(Items from a dataset)

%%

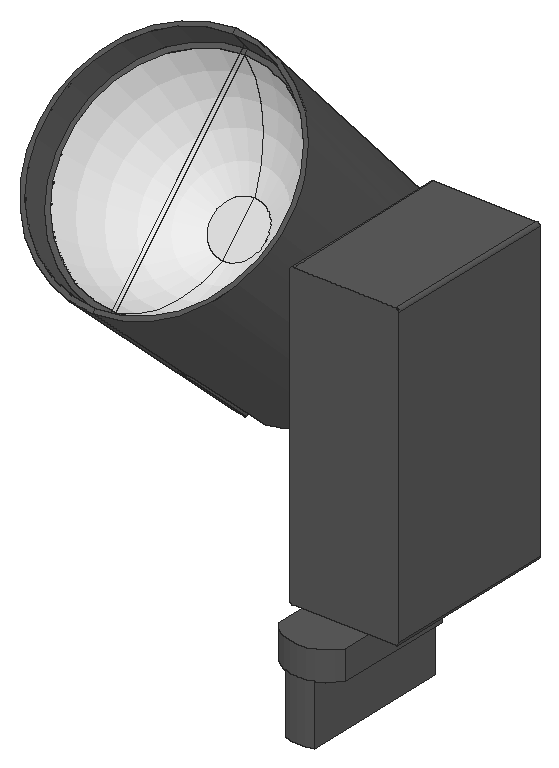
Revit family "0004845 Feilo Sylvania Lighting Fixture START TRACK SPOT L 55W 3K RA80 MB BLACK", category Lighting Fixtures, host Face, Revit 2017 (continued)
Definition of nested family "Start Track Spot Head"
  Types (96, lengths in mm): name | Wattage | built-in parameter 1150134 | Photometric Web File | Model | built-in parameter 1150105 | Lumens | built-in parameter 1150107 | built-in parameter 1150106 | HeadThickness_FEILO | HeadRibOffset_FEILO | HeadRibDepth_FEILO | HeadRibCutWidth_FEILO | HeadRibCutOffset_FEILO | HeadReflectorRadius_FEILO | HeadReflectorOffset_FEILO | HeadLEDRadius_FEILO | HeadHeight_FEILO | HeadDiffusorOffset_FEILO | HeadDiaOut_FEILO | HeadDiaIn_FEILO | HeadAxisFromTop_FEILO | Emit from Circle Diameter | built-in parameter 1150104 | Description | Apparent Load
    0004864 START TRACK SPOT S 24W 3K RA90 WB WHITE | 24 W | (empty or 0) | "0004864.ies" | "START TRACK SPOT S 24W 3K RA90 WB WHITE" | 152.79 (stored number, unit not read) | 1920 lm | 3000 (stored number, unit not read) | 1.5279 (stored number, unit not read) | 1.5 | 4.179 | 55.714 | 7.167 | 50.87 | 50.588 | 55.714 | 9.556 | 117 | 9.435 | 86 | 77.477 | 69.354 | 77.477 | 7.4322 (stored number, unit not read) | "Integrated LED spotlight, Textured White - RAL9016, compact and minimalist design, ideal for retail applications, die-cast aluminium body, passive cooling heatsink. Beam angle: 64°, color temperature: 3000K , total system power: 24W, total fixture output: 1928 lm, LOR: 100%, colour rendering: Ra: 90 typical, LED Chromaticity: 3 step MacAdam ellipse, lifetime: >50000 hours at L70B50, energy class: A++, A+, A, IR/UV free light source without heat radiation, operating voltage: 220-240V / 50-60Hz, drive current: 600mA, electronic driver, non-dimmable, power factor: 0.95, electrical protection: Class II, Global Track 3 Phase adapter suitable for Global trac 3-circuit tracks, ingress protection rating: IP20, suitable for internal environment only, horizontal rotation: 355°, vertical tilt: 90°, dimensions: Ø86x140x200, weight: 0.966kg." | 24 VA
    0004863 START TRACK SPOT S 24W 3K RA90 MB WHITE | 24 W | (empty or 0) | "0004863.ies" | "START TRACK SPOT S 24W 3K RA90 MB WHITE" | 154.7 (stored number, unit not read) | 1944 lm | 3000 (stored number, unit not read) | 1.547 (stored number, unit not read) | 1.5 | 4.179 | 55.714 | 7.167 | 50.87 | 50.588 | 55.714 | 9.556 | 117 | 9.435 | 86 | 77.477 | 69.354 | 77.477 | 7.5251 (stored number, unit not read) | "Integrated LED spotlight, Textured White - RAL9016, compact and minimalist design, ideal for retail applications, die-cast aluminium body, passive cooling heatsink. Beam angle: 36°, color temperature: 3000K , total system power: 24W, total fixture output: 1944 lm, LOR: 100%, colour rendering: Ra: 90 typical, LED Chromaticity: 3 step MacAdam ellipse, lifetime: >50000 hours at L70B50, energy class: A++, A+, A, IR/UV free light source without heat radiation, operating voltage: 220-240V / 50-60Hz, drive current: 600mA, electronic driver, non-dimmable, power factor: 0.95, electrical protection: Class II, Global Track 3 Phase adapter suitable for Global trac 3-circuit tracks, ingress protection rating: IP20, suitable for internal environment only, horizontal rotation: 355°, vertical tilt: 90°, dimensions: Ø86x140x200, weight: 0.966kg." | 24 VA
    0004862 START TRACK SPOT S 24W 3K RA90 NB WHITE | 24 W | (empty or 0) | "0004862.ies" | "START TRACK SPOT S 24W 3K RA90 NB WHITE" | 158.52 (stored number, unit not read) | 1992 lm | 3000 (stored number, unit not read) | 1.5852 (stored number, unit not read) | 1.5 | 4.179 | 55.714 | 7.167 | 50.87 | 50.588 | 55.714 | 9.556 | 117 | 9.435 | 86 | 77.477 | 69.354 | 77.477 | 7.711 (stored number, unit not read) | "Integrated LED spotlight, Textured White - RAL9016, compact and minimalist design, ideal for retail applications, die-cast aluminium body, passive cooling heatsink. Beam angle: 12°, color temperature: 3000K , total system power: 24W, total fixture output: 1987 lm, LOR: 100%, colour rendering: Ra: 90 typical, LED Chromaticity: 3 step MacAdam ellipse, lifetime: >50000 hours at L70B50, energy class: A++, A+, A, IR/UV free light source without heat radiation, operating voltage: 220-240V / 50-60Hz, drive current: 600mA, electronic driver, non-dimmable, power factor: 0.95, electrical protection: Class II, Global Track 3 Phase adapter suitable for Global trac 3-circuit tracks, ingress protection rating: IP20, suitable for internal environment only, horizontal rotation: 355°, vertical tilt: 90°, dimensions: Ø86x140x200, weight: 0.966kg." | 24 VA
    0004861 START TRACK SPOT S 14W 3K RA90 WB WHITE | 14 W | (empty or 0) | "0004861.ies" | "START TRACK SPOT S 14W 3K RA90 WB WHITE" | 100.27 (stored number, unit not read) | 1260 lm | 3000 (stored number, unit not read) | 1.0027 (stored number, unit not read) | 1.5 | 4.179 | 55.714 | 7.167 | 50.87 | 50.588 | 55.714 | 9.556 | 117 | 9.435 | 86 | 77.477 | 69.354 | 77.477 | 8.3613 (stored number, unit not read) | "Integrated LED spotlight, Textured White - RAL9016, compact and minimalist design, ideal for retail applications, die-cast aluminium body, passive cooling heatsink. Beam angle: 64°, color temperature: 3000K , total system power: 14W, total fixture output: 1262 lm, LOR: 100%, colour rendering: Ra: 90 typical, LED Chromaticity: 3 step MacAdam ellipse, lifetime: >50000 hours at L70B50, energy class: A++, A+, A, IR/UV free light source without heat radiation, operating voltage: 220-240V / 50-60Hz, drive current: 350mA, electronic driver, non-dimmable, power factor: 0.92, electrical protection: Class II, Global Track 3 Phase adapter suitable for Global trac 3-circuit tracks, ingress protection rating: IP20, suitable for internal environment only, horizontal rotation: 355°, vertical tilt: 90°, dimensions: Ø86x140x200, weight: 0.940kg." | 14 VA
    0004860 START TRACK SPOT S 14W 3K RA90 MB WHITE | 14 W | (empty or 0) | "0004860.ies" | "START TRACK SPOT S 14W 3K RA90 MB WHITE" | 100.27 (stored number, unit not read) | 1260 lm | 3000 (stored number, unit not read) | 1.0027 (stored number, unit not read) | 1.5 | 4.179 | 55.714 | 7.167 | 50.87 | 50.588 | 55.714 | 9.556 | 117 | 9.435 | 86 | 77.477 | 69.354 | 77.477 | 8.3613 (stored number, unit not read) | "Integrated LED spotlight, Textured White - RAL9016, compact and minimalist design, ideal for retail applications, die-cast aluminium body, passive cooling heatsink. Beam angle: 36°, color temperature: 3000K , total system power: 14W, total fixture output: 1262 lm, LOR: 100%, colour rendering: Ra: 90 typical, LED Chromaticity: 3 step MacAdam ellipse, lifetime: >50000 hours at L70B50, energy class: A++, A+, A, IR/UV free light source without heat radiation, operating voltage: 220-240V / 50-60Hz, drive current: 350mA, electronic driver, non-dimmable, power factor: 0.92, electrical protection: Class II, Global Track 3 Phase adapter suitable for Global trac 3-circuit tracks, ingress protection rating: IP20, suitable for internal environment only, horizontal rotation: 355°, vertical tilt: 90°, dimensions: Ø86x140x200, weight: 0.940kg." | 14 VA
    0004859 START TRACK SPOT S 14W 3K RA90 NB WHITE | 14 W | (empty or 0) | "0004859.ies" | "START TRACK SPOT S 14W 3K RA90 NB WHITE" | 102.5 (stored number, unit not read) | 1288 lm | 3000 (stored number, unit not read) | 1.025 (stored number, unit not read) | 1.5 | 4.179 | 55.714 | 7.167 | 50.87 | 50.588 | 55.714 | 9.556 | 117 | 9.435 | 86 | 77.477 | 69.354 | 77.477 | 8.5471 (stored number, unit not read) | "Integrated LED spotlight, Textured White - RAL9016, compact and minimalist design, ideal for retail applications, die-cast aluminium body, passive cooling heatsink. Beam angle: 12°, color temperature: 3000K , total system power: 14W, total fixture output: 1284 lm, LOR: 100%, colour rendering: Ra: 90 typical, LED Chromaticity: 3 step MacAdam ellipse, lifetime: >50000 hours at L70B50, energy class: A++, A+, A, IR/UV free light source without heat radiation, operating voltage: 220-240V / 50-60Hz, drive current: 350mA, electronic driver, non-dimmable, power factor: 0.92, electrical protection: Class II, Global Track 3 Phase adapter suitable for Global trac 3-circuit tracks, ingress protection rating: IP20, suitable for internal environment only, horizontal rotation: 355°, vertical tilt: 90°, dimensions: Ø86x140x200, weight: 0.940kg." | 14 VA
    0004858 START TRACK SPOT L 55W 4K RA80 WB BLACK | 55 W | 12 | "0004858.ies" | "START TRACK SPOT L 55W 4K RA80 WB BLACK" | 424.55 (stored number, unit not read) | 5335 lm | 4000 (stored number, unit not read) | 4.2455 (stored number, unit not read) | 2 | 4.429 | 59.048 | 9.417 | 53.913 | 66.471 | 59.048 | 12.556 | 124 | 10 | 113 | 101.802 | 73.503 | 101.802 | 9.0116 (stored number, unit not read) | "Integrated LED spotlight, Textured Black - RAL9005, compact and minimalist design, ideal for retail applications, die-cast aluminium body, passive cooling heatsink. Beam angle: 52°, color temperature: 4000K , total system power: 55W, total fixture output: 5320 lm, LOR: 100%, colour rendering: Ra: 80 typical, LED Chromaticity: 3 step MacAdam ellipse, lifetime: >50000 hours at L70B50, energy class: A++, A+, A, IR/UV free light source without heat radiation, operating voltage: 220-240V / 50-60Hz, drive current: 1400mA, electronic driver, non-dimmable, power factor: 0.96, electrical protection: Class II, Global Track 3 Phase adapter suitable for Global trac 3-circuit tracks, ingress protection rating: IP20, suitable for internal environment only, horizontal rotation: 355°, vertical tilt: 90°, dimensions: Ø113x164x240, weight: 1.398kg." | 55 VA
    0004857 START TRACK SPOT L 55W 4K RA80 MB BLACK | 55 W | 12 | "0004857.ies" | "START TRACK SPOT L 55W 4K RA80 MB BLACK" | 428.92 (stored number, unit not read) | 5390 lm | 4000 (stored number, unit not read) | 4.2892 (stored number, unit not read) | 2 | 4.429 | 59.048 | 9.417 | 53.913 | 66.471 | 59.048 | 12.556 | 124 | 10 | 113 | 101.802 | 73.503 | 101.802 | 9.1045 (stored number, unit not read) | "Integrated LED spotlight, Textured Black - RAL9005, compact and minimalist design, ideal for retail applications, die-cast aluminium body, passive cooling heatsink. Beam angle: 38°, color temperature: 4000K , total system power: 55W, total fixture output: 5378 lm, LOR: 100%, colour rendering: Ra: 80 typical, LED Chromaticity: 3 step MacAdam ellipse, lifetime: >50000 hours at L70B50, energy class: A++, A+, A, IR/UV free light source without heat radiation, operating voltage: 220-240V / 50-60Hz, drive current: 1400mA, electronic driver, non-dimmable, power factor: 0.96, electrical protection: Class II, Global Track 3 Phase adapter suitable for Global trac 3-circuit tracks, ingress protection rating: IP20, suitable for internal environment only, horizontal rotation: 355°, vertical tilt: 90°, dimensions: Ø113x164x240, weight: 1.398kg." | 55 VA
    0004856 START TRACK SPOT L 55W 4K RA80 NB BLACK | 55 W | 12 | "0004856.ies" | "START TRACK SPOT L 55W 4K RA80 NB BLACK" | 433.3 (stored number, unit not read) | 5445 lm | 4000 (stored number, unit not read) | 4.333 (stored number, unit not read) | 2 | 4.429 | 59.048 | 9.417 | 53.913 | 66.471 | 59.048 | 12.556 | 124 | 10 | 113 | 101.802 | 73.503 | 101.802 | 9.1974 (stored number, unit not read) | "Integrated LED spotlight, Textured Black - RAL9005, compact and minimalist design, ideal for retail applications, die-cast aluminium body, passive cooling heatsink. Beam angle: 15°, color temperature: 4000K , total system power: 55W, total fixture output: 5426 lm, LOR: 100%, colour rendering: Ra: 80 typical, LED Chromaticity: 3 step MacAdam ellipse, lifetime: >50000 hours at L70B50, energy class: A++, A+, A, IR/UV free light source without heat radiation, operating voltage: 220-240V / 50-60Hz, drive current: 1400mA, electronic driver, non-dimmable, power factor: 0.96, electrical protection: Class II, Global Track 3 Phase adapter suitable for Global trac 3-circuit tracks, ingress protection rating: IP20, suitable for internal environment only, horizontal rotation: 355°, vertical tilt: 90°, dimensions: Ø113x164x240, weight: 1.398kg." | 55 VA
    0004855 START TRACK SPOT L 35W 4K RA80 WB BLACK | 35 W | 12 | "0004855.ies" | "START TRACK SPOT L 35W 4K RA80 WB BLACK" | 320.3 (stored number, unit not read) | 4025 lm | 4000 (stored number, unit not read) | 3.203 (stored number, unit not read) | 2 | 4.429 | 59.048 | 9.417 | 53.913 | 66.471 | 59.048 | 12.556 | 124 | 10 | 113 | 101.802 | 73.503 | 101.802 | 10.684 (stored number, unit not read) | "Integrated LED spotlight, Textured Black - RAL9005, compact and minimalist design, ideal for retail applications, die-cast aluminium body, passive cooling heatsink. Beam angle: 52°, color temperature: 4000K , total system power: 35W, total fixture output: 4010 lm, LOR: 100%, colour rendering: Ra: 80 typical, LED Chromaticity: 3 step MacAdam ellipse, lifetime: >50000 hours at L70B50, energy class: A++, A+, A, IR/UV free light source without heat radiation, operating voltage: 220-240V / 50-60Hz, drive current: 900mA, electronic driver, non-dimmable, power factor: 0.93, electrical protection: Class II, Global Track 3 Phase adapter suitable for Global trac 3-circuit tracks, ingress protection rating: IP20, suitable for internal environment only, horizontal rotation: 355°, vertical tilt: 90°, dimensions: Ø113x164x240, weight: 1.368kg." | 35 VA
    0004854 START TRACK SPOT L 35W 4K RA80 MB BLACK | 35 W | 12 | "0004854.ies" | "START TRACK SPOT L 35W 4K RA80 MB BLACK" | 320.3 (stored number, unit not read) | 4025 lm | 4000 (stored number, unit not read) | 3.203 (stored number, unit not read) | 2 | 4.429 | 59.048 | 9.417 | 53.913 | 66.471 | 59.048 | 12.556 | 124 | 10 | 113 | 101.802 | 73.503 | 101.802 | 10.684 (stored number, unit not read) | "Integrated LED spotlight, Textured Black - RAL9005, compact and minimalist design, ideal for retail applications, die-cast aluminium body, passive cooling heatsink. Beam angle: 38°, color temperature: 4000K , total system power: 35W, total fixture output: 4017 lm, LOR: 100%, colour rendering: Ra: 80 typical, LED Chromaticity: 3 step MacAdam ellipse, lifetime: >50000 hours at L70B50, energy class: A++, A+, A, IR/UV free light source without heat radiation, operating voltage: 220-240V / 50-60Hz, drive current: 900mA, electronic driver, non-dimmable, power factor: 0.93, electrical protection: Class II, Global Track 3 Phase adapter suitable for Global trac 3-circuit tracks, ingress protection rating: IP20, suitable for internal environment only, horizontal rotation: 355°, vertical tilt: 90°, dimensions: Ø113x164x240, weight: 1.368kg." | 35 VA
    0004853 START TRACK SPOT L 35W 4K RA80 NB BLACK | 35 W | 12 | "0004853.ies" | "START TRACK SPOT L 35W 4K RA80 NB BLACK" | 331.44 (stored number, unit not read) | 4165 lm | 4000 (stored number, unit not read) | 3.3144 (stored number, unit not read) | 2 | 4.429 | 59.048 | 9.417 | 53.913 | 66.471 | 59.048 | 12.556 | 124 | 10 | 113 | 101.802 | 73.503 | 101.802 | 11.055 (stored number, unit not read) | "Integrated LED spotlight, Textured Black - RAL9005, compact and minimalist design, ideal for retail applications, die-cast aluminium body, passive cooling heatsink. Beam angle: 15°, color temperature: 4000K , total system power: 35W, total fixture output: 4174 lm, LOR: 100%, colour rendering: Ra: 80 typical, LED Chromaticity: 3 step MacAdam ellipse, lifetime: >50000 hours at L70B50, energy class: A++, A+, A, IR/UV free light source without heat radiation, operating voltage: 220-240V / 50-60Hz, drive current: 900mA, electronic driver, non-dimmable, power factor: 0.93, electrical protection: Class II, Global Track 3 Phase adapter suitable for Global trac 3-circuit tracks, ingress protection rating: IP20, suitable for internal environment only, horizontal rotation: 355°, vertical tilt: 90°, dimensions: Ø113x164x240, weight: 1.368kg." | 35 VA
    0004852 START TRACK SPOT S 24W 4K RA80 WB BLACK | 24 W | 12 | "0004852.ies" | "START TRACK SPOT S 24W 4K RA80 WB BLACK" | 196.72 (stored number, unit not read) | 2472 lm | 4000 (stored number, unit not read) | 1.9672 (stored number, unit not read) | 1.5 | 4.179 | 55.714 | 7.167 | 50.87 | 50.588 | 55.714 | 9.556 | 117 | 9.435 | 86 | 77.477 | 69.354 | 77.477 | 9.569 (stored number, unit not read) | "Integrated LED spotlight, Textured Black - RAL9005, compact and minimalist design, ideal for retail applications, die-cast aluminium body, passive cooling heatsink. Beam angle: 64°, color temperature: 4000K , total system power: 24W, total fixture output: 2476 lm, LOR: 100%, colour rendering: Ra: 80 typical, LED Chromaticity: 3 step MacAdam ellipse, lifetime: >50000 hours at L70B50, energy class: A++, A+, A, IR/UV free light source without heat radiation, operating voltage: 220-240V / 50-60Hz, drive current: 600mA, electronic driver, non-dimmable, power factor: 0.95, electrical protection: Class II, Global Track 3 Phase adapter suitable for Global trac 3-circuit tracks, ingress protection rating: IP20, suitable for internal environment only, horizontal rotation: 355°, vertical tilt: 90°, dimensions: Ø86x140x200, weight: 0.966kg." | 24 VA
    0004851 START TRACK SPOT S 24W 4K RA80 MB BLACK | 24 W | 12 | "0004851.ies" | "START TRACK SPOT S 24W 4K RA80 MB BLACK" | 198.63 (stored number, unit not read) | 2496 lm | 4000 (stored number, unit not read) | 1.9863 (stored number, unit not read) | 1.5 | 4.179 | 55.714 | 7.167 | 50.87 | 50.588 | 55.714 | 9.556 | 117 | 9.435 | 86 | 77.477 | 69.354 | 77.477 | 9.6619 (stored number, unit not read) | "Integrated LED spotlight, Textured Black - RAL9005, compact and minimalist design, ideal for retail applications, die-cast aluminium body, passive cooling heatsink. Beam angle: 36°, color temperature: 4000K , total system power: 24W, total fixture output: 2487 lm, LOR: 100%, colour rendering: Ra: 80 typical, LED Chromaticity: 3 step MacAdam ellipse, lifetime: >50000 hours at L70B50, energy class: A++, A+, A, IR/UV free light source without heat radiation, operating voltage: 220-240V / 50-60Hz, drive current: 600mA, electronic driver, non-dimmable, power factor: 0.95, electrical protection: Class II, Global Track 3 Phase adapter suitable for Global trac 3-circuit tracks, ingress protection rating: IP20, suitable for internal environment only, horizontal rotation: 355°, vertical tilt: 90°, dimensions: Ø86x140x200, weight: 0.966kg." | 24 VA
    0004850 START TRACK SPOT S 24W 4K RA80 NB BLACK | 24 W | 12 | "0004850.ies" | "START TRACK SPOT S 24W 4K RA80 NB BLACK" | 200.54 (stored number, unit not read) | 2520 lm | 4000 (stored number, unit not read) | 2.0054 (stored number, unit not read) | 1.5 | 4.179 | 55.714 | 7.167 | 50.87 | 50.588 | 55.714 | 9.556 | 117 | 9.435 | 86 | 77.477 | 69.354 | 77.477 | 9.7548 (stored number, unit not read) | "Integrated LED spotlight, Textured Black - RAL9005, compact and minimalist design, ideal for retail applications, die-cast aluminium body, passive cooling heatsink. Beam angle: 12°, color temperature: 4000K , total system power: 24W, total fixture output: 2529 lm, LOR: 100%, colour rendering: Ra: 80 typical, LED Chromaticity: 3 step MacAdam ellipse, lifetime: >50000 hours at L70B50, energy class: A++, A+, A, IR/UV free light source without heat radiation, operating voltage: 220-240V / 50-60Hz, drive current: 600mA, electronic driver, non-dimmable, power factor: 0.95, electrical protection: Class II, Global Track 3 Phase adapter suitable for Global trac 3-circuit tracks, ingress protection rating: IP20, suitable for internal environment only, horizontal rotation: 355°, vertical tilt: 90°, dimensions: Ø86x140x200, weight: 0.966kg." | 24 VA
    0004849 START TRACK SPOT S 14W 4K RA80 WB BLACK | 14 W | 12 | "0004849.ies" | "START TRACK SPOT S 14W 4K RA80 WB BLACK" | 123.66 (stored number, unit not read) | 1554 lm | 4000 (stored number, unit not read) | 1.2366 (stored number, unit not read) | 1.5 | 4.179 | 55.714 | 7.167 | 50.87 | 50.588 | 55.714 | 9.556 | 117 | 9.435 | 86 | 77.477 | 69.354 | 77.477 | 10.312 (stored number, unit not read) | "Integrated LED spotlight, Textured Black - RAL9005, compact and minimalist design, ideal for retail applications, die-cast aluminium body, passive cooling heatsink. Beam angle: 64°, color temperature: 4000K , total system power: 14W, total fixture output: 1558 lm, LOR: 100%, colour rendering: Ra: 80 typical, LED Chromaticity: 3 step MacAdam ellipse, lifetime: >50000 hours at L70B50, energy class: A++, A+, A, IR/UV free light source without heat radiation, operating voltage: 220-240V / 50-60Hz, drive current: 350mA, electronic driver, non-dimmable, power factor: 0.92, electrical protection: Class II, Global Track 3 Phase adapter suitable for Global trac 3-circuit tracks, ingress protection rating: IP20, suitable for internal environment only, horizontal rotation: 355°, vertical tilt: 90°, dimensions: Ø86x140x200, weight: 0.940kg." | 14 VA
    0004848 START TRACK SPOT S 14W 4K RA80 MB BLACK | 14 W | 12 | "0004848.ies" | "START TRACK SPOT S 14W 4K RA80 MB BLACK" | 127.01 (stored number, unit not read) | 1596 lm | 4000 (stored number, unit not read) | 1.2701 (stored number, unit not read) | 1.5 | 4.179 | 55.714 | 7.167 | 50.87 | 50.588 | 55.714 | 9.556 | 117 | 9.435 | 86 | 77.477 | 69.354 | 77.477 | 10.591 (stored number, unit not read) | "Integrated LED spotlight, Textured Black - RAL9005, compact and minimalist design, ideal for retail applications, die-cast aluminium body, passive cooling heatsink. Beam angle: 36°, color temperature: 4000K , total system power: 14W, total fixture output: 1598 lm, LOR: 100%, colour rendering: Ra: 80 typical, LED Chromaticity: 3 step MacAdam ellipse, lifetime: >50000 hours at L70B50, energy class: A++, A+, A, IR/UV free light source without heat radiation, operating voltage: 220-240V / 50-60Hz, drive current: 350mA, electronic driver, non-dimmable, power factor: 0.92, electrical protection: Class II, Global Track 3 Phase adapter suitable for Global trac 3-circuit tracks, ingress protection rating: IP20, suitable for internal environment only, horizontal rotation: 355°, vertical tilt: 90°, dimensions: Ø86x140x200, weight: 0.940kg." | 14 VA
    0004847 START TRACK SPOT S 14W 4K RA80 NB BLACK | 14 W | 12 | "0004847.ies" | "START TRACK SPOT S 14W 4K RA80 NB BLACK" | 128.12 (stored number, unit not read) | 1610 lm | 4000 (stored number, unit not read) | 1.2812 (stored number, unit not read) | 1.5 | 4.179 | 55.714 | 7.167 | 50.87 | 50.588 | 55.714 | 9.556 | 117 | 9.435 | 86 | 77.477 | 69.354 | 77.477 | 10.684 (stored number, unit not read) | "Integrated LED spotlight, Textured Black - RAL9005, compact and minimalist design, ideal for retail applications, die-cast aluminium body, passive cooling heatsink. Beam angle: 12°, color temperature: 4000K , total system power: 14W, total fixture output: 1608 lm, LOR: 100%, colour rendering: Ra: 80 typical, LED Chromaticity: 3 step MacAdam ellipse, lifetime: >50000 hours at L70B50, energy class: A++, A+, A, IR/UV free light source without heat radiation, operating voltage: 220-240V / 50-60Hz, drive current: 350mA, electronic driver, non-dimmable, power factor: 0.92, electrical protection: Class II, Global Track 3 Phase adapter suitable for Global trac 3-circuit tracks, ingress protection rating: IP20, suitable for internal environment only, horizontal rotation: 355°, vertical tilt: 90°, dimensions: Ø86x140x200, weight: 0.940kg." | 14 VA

%%

> What is expected
Every line of the data that includes the word "family" should be copied.

> Answer to this problem
Revit family "0004845 Feilo Sylvania Lighting Fixture START TRACK SPOT L 55W 3K RA80 MB BLACK", category Lighting Fixtures, host Face, Revit 2017 (continued)
Definition of nested family "Start Track Spot Head"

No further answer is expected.